When the practitioner went back to Oyama, it was already the 5th of June.
He had to think fast, of a way to bring the dog to the demons without being noticed. By chance, the kago had doors on the sides. When closed, there was no way to distinguish what's inside. He convinced the villagers to give his idea a try, and put Mekke the dog inside the kago.
The villagers brought the kago as usual in Sugio Shrine's forest, but everybody was afraid that the plan would fail.
Then they left, without turning back.
When they came back, hours later, the Demons weren't there to torment them as usual. They were gone!
But when looking at the ground, they saw Mekke Inu, agonizing from his battle wounds.
Mekke the dog fought to death to protect the humans of Oyama village.
The villagers were very sad about the dog's death. Moved by his tremendous courage, and his strong loyalty to humans, they decided to create a festival, that every year, would celebrate his heroic deeds. Sugio Shrine also dedicates some altars to Mekke Inu who replaces the traditional komainu dogs in the Japanese shrines.

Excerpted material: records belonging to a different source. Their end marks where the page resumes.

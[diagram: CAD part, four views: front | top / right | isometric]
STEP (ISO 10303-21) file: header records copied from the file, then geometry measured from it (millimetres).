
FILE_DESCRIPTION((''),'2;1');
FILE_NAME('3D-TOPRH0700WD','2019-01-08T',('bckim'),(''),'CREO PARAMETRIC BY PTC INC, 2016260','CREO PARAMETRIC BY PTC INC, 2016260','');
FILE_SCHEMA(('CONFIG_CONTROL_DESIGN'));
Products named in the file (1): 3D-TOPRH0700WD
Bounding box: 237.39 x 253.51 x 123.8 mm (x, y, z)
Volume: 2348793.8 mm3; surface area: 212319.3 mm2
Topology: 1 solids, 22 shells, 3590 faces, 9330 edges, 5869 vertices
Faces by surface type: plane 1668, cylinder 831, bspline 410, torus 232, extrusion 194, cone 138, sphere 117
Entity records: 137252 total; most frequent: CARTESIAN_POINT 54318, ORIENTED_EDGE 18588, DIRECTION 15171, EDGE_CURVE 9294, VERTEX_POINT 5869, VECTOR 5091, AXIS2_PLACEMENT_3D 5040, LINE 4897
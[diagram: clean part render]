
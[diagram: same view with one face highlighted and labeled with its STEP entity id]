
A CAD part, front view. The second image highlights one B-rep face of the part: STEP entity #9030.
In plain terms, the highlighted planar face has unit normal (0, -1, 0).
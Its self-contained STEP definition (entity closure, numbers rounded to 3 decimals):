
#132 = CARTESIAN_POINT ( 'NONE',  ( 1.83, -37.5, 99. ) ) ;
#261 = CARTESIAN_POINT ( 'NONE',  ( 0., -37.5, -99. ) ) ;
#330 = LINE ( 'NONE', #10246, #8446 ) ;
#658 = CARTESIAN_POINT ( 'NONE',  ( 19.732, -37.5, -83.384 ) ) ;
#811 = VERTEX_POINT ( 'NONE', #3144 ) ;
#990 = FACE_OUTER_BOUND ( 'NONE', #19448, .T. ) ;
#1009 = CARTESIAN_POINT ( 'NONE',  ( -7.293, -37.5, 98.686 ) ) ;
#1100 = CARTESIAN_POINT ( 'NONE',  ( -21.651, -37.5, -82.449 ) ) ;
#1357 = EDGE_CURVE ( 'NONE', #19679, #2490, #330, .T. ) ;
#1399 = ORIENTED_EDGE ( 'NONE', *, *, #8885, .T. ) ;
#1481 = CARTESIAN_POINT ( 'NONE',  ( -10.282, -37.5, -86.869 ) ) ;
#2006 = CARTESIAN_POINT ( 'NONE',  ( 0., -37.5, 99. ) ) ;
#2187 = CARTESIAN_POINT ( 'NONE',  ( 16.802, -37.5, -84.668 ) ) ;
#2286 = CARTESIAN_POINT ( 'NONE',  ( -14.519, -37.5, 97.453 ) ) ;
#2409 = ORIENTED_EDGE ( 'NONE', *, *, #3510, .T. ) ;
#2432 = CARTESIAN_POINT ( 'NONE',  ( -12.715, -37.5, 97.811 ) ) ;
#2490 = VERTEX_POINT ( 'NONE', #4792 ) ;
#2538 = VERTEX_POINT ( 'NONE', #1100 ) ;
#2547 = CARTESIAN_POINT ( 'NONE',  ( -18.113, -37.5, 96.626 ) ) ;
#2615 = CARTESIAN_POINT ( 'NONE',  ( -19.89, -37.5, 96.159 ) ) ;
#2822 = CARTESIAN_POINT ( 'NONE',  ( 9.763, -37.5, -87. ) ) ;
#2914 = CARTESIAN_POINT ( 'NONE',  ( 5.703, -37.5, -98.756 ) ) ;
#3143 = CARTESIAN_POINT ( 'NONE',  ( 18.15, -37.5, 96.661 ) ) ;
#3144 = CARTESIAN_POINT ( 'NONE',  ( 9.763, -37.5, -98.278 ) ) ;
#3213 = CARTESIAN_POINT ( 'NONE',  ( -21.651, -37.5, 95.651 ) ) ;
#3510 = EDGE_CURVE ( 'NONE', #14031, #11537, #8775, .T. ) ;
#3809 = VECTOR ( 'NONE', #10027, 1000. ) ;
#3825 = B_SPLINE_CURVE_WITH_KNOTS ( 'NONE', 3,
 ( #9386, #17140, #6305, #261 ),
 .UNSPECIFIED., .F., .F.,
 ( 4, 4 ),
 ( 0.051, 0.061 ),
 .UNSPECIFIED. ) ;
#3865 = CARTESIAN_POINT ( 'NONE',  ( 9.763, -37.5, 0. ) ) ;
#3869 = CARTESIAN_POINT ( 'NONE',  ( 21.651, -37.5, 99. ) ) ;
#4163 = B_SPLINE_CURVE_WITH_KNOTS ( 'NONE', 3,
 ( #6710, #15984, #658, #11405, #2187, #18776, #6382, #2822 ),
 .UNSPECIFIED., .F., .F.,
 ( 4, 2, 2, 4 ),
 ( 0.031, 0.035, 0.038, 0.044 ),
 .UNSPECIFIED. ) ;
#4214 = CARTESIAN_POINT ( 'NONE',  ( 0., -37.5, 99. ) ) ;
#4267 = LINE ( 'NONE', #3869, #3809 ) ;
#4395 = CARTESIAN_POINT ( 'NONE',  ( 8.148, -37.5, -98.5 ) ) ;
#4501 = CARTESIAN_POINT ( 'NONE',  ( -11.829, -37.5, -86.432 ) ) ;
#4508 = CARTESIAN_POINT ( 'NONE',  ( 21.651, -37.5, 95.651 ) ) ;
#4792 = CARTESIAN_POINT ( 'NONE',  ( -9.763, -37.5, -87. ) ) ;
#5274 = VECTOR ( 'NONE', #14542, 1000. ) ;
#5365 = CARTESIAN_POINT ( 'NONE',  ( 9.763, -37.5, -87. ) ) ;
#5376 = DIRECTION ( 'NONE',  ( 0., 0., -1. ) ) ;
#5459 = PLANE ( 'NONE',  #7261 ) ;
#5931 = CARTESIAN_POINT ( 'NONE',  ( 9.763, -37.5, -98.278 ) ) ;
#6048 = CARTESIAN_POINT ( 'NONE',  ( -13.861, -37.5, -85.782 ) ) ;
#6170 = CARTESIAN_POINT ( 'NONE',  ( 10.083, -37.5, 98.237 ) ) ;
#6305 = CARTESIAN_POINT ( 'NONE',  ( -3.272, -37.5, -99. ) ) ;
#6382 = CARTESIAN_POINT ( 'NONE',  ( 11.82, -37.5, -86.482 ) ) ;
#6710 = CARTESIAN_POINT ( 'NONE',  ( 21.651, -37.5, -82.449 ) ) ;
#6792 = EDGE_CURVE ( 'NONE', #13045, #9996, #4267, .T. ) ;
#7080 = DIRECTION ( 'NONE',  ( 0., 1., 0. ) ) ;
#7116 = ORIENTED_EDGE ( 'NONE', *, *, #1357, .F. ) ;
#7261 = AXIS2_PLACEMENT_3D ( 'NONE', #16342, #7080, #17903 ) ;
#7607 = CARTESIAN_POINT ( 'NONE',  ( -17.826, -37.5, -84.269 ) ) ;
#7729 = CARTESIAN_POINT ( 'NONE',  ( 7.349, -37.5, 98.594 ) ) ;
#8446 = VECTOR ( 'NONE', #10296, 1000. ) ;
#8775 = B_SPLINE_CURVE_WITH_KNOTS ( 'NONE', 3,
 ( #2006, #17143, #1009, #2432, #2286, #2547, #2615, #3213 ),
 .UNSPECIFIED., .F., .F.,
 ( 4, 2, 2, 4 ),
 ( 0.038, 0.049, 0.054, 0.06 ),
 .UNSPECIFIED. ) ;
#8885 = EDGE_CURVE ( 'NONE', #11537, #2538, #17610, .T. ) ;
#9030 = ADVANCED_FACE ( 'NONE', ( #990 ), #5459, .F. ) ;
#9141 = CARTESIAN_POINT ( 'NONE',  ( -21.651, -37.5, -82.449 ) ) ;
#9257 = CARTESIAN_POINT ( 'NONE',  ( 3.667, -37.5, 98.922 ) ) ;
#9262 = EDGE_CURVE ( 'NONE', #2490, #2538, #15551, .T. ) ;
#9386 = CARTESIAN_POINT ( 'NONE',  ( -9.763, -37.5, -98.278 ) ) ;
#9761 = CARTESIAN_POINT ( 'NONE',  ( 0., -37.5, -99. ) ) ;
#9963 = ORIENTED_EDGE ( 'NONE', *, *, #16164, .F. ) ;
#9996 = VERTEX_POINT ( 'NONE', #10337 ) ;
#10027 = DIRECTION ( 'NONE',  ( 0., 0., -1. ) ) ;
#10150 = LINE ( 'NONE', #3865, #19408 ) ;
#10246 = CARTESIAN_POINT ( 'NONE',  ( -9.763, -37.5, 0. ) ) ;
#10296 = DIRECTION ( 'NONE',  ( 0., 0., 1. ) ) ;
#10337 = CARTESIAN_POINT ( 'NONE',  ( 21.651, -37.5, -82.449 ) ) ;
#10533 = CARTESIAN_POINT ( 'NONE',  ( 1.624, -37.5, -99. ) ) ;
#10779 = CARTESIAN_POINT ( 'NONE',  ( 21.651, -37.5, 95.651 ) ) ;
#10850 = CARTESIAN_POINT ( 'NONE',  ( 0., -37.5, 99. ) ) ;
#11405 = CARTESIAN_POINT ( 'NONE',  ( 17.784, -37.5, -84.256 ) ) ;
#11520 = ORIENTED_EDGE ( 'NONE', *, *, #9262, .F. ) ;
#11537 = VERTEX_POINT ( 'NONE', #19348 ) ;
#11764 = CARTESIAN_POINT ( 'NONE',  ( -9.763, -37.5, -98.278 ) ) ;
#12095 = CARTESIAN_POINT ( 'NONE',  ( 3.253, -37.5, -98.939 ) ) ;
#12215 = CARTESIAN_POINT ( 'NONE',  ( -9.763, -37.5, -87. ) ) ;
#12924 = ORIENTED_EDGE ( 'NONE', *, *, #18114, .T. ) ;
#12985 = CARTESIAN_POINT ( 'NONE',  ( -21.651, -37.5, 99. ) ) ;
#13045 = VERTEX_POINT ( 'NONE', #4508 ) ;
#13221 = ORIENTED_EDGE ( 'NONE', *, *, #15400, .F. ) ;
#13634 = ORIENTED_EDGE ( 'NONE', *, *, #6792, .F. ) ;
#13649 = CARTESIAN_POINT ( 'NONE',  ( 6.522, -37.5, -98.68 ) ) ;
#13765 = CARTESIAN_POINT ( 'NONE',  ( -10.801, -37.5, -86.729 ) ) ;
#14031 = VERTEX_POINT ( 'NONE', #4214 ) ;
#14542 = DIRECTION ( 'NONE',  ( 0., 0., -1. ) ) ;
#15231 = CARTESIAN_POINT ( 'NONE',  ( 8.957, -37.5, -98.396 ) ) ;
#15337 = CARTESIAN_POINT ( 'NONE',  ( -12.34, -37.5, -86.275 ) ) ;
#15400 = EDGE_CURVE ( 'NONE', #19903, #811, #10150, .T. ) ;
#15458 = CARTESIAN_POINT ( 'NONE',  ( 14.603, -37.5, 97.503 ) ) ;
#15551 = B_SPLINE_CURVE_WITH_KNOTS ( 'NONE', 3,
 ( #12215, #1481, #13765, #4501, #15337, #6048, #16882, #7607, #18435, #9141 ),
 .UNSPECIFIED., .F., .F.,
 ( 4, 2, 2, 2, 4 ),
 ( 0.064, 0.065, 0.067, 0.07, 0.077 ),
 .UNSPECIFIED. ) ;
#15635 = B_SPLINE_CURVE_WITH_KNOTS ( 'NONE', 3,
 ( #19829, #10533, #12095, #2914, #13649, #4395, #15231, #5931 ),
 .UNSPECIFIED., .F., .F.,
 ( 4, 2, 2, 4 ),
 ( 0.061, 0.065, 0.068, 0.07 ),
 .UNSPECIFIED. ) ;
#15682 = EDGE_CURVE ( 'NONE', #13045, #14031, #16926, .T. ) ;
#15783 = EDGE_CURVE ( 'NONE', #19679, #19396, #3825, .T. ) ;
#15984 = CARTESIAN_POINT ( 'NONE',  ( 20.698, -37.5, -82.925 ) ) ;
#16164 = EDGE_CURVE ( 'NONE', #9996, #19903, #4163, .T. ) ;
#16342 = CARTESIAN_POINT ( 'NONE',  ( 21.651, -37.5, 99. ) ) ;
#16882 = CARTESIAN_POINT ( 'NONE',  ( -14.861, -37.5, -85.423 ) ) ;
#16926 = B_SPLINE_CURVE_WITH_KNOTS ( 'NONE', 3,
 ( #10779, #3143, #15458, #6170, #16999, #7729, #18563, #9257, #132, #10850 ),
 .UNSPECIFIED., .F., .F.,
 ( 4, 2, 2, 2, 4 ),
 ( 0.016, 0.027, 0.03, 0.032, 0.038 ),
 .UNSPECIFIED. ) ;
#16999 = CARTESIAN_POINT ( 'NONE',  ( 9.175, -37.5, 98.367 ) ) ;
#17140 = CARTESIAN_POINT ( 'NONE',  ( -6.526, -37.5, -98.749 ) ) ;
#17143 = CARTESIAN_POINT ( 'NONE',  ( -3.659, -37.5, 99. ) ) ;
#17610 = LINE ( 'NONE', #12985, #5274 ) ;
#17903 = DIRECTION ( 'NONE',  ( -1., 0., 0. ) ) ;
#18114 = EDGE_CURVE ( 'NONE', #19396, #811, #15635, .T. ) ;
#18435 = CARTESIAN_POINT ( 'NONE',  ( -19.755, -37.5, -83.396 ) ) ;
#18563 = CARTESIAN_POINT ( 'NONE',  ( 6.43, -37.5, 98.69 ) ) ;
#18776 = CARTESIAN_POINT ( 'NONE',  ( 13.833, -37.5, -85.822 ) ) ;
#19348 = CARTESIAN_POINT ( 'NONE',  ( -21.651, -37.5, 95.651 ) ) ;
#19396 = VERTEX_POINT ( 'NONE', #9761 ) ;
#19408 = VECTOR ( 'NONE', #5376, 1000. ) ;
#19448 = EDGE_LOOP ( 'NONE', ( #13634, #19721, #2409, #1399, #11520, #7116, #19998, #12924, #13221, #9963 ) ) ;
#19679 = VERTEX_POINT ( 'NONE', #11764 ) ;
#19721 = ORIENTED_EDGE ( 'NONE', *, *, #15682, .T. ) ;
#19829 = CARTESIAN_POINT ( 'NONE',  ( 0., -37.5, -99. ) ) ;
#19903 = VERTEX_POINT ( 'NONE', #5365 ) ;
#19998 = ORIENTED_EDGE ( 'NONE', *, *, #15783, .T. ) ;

In summary, Oyama Inu Matsuri is a festival that celebrates dogs' courage and loyalty to their masters, sometimes at the cost of their life.
People gather every year in Oyama, with their beloved dog, to show them all the gratefulness they have for being so loyal and loving. Oyama Inu Matsuri is a real tribute to all the dogs in the world.
The festival begins at 11:30 am. It consists of large and colorful karaguri (big decorated festival carriage), processions of young ladies dressed in kimonos, and historical reenactment of the karinyôbô offering. A small dog parade is also organized by the dogs lovers of the region. You can participate for free, but the number of participants is limited. The festival ends generally around 18:00 at Sugio Shrine. Just follow the horse riders and the samurai to see where to go next.